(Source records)
<<<<
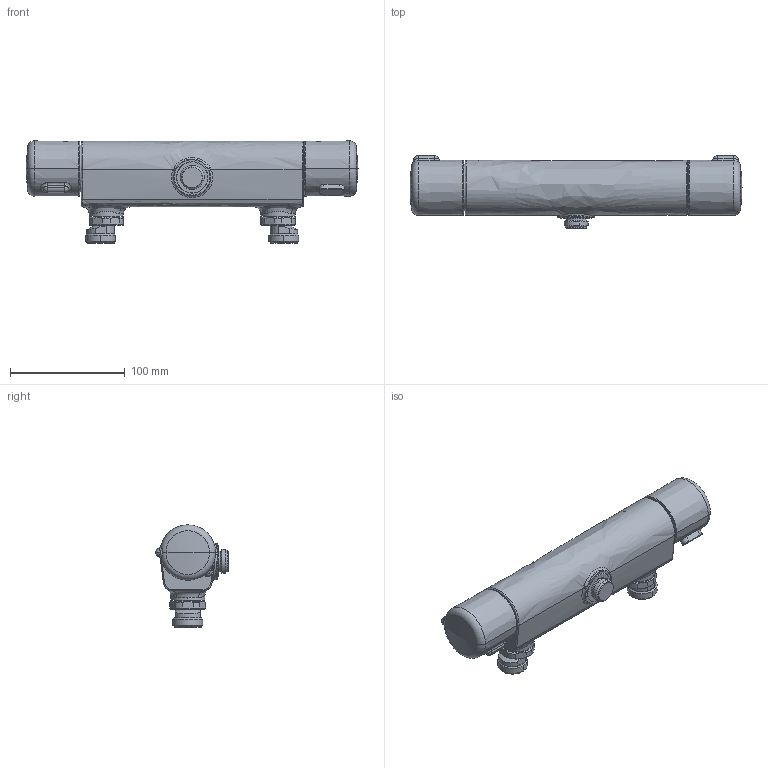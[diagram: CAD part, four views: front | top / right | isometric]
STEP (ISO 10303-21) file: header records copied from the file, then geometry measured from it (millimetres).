
FILE_DESCRIPTION (( 'STEP AP203' ), '1' );
FILE_NAME ('7464-33(2022).STEP', '2022-03-04T09:28:48', ( '' ), ( '' ), 'SwSTEP 2.0', 'SolidWorks 2016', '' );
FILE_SCHEMA (( 'CONFIG_CONTROL_DESIGN' ));
Length unit declared in the file: millimetre
Products named in the file (1): 7464-33(2022)
Bounding box: 289.8 x 63.4 x 89.26 mm (x, y, z)
Volume: 675840.1 mm3; surface area: 63182.1 mm2
Topology: 1 solids, 1 shells, 233 faces, 555 edges, 336 vertices
Faces by surface type: cylinder 62, cone 50, bspline 46, plane 43, torus 18, sphere 14
Entity records: 11399 total; most frequent: CARTESIAN_POINT 6246, ORIENTED_EDGE 1102, DIRECTION 1031, EDGE_CURVE 551, AXIS2_PLACEMENT_3D 446, VERTEX_POINT 334, CIRCLE 258, EDGE_LOOP 247
>>>>
A verbatim copy of every record is required, with all pictures excluded.

[diagram: CAD part, four views: front | top / right | isometric]
STEP (ISO 10303-21) file: header records copied from the file, then geometry measured from it (millimetres).
FILE_DESCRIPTION (( 'STEP AP203' ), '1' );
FILE_NAME ('7464-33(2022).STEP', '2022-03-04T09:28:48', ( '' ), ( '' ), 'SwSTEP 2.0', 'SolidWorks 2016', '' );
FILE_SCHEMA (( 'CONFIG_CONTROL_DESIGN' ));
Length unit declared in the file: millimetre
Products named in the file (1): 7464-33(2022)
Bounding box: 289.8 x 63.4 x 89.26 mm (x, y, z)
Volume: 675840.1 mm3; surface area: 63182.1 mm2
Topology: 1 solids, 1 shells, 233 faces, 555 edges, 336 vertices
Faces by surface type: cylinder 62, cone 50, bspline 46, plane 43, torus 18, sphere 14
Entity records: 11399 total; most frequent: CARTESIAN_POINT 6246, ORIENTED_EDGE 1102, DIRECTION 1031, EDGE_CURVE 551, AXIS2_PLACEMENT_3D 446, VERTEX_POINT 334, CIRCLE 258, EDGE_LOOP 247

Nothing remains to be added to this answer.